EXTRACTED ENTRIES:
=== Begin Enclosure ===

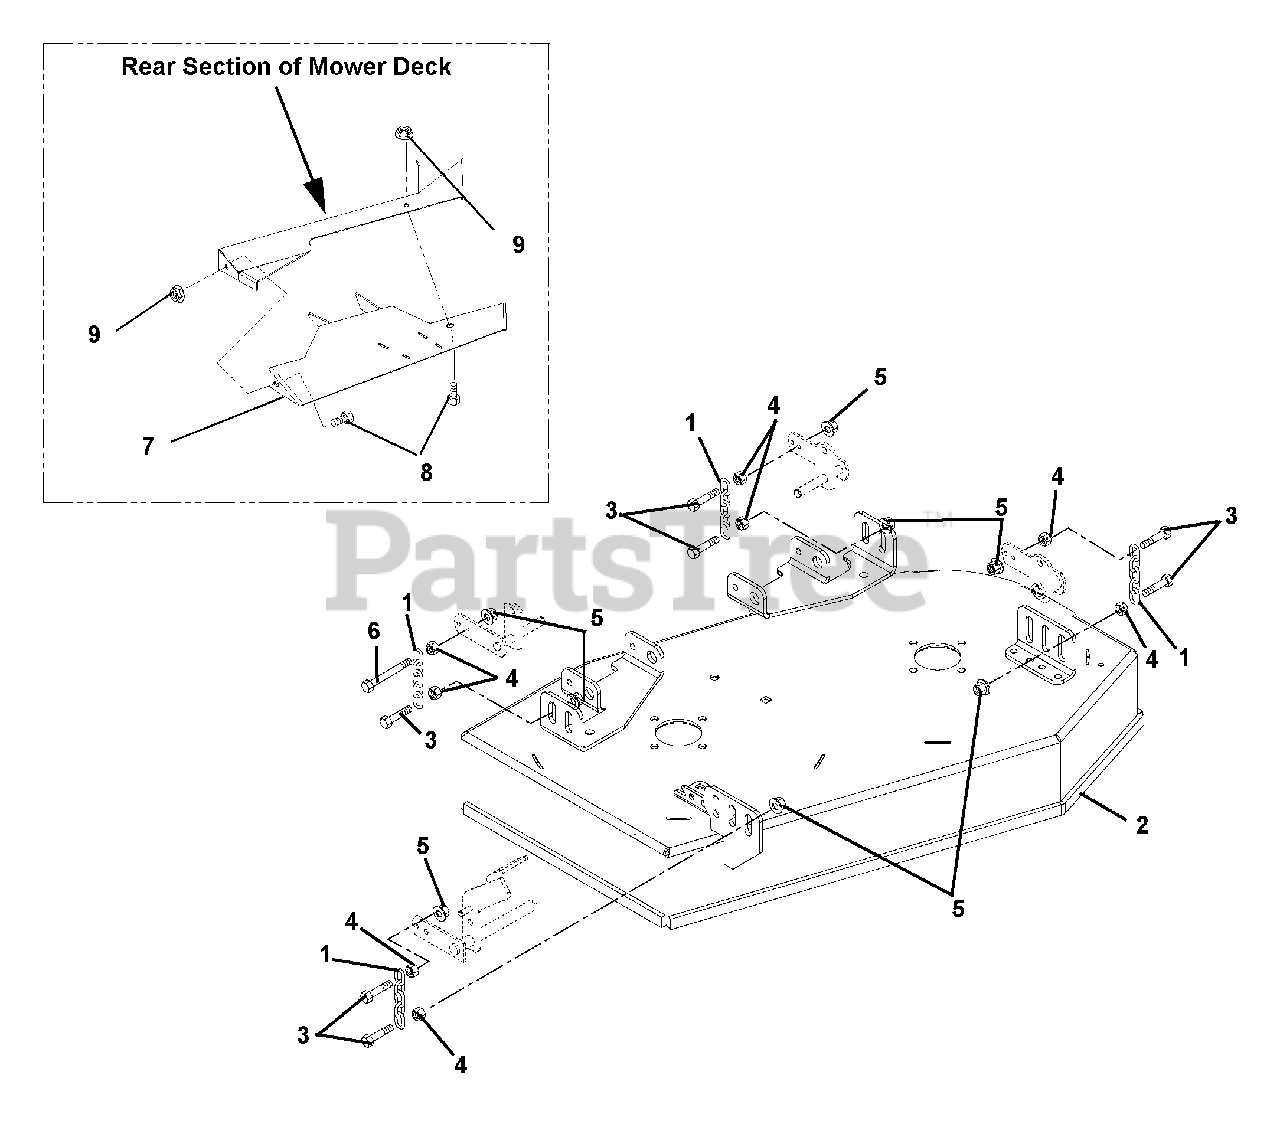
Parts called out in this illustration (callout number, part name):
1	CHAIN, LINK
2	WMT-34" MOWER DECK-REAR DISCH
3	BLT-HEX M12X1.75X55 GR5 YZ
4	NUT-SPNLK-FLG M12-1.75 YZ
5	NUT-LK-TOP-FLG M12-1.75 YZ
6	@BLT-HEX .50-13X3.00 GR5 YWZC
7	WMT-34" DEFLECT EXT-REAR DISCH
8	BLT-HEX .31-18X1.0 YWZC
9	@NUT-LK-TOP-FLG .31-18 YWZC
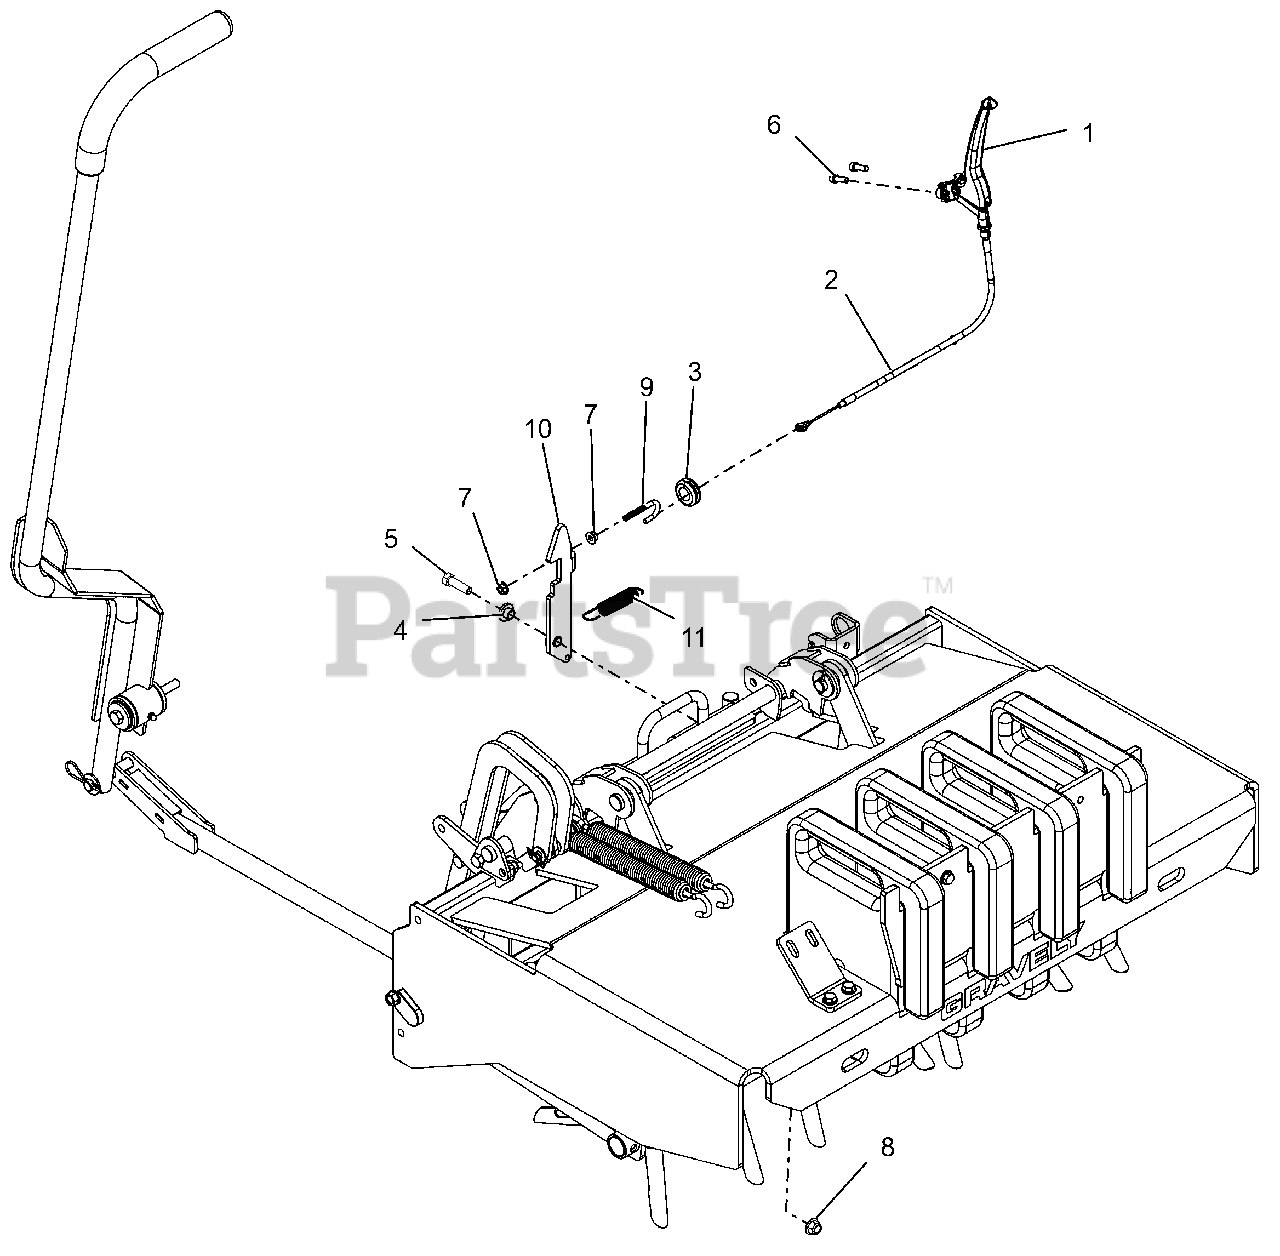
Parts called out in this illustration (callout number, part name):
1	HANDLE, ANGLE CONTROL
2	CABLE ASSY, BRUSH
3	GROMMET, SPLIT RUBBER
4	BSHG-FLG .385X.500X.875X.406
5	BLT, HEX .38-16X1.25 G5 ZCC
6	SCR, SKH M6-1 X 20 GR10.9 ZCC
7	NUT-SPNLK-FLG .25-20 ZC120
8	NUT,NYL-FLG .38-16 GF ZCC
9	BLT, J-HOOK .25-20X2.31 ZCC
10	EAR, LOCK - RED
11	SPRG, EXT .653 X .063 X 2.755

=== End Enclosure ===

WORK REQUEST: Without including a single picture, restate all of the data word for word.

EXERCISE OUTPUT:
Parts called out in this illustration (callout number, part name):
1	CHAIN, LINK
2	WMT-34" MOWER DECK-REAR DISCH
3	BLT-HEX M12X1.75X55 GR5 YZ
4	NUT-SPNLK-FLG M12-1.75 YZ
5	NUT-LK-TOP-FLG M12-1.75 YZ
6	@BLT-HEX .50-13X3.00 GR5 YWZC
7	WMT-34" DEFLECT EXT-REAR DISCH
8	BLT-HEX .31-18X1.0 YWZC
9	@NUT-LK-TOP-FLG .31-18 YWZC
Parts called out in this illustration (callout number, part name):
1	HANDLE, ANGLE CONTROL
2	CABLE ASSY, BRUSH
3	GROMMET, SPLIT RUBBER
4	BSHG-FLG .385X.500X.875X.406
5	BLT, HEX .38-16X1.25 G5 ZCC
6	SCR, SKH M6-1 X 20 GR10.9 ZCC
7	NUT-SPNLK-FLG .25-20 ZC120
8	NUT,NYL-FLG .38-16 GF ZCC
9	BLT, J-HOOK .25-20X2.31 ZCC
10	EAR, LOCK - RED
11	SPRG, EXT .653 X .063 X 2.755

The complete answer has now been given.